Causal Discovery - An Introduction | PyData Hamburg Meetup March 2022

Discover the basics of causal discovery in machine learning, explore methods and applications, and learn how to identify causal relationships to improve model performance and decision-making.

Key takeaways
  • Causal discovery is the process of identifying causal relationships between variables in data.
  • Machine learning is not naturally equipped to handle causality and often assumes independence between variables.
  • Causal discovery can improve model performance and help account for confounding variables.
  • There are three main families of causal discovery methods: PC algorithm, GES, and score-based methods.
  • The PC algorithm is a popular method for causal discovery, but it has limitations and may not perform well in all situations.

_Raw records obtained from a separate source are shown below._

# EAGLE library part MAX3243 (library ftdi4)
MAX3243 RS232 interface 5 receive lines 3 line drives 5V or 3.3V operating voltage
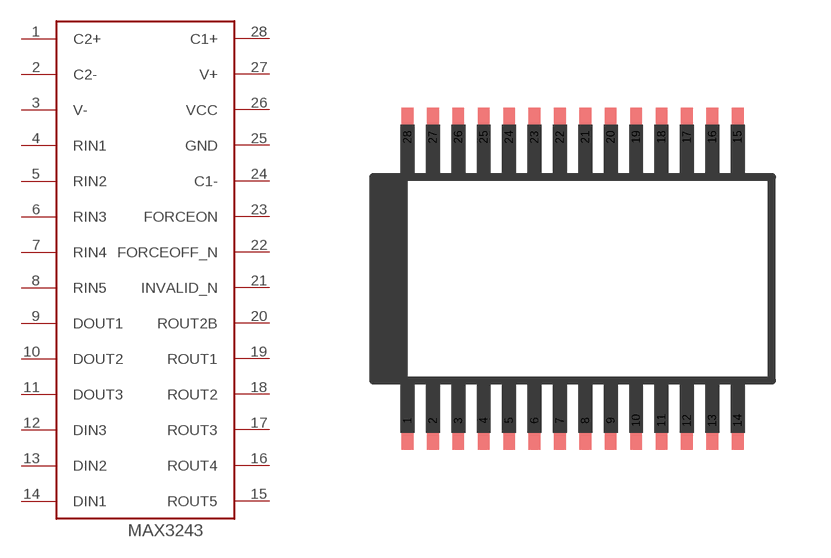
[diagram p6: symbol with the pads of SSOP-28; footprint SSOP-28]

Designator prefix -

## MAX3243  [SSOP-28]
1  C2+
2  C2-
3  V-
4  RIN1
5  RIN2
6  RIN3
7  RIN4
8  RIN5
9  DOUT1
10  DOUT2
11  DOUT3
12  DIN3
13  DIN2
14  DIN1
15  ROUT5
16  ROUT4
17  ROUT3
18  ROUT2
19  ROUT1
20  ROUT2B
21  INVALID_N
22  FORCEOFF_N
23  FORCEON
24  C1-
25  GND
26  VCC
27  V+
28  C1+

## Footprint SSOP-28 (pad centres in mm)
Shrink Small Outline Package: SSOP-28
smd 0.3 x 1.5: 1 -4.225,-3.625; 2 -3.575,-3.625; 3 -2.925,-3.625; 4 -2.275,-3.625; 5 -1.625,-3.625; 6 -0.975,-3.625; 7 -0.325,-3.625; 8 0.325,-3.625; 9 0.975,-3.625; 10 1.625,-3.625; 11 2.275,-3.625; 12 2.925,-3.625; 13 3.575,-3.625; 14 4.225,-3.625; 15 4.225,3.625; 16 3.575,3.625; 17 2.925,3.625; 18 2.275,3.625; 19 1.625,3.625; 20 0.975,3.625; 21 0.325,3.625; 22 -0.325,3.625; 23 -0.975,3.625; 24 -1.625,3.625; 25 -2.275,3.625; 26 -2.925,3.625; 27 -3.575,3.625; 28 -4.225,3.625
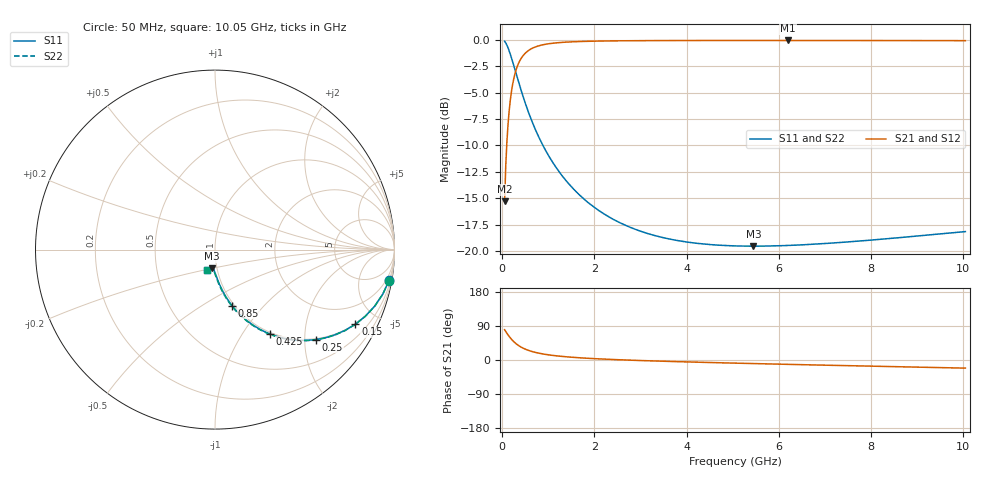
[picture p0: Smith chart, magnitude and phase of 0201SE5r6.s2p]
! AVX Thin Film Operation		Date: August 2001
! Description: Accu-P® Series, Thin Film, SMD, RF Capacitor
! Part Number: 0201ZK5R6BBW
! 50 MHz  -  10.05 GHz
! Serial Measurements
# mhz S db R 50
!	S11		S21		S12		S22
!	dB	Phase	dB	Phase	dB	Phase	dB	Phase
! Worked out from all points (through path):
!   401 points, 50 MHz to 10.05 GHz, reference 50 ohm
!   highest |S21| = -0.06 dB at 6.2 GHz (marker M1); lowest = -15.3 dB at 50 MHz (marker M2)
!   group delay of S21, straight-line fit = 13 ps
!   lowest |S11| = -19.5 dB at 5.45 GHz (marker M3), VSWR 1.24, Z = 47.5 - j10 ohm
!   |S11| at or under -10 dB: 881.3 MHz to end of sweep
!   |S22| runs from -19.6 to -0.1 dB; largest |S21 - S12| = 0
!   S11 on the Smith chart (normalised r, x): 50 MHz: 1, -11; 150 MHz: 0.98, -3.77; 250 MHz: 0.98, -2.27; 425 MHz: 0.98, -1.34; 850 MHz: 0.98, -0.68; 10.05 GHz: 0.89, -0.21
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50  -0.13 -10.0  -15.28 79.9  -15.28 79.9  -0.13 -10.1
100  -0.50 -19.5  -9.64 70.5  -9.64 70.5  -0.50 -19.6
125  -0.76 -23.9  -7.97 66.1  -7.97 66.1  -0.76 -24.0
150  -1.05 -28.0  -6.68 61.9  -6.68 61.9  -1.05 -28.1
200  -1.73 -35.4  -4.86 54.5  -4.86 54.5  -1.73 -35.5
250  -2.46 -41.7  -3.66 48.2  -3.66 48.2  -2.46 -41.8
325  -3.58 -49.3  -2.52 40.5  -2.52 40.5  -3.58 -49.5
425  -5.02 -56.9  -1.65 32.9  -1.65 32.9  -5.02 -57.2
500  -6.02 -61.2  -1.26 28.6  -1.26 28.6  -6.02 -61.5
600  -7.24 -65.7  -0.92 24.0  -0.92 24.0  -7.24 -66.1
850  -9.73 -73.1  -0.50 16.6  -0.50 16.6  -9.73 -73.6
1250  -12.60 -79.5  -0.26 10.0  -0.26 10.0  -12.60 -80.2
1725  -14.90 -83.9  -0.15 5.5  -0.15 5.5  -14.90 -84.9
2475  -17.16 -88.3  -0.09 0.9  -0.09 0.9  -17.16 -89.5
3400  -18.65 -92.0  -0.07 -3.0  -0.07 -3.0  -18.65 -93.4
4150  -19.24 -94.4  -0.06 -5.5  -0.06 -5.5  -19.24 -95.9
5050  -19.52 -97.1  -0.06 -8.3  -0.06 -8.3  -19.52 -98.6
5450  -19.55 -98.2  -0.06 -9.5  -0.06 -9.5  -19.55 -99.8
6200  -19.48 -100.2  -0.06 -11.5  -0.06 -11.5  -19.48 -101.8
6725  -19.37 -101.6  -0.06 -12.9  -0.06 -12.9  -19.37 -103.1
8400  -18.82 -106.0  -0.07 -17.3  -0.07 -17.3  -18.83 -107.3
10050  -18.17 -110.2  -0.08 -21.4  -0.08 -21.4  -18.17 -111.4

  • Causal graphs can be used to represent causal relationships, and there are different types of graphs that can be used to represent different types of relationships.
  • Markov equivalence class is a concept in causal graph theory that refers to a set of graphs that are equivalent in terms of causal relationships.
  • Causal discovery can be applied to a wide range of domains, including finance, medicine, and social sciences.
  • Regularization techniques can be used to improve the performance of machine learning models in the context of causal discovery.
  • Causal inference is the process of estimating causal effects from observational data, and it is a crucial step in making decisions in many fields.
  • There are different definitions of causality, and there is no single “correct” definition.
  • Causal discovery can be used to identify causal relationships and make decisions in complex systems.
  • Confounding variables can be problematic in machine learning and can affect the performance of models.
  • Causal discovery can help to account for confounding variables and improve the performance of machine learning models.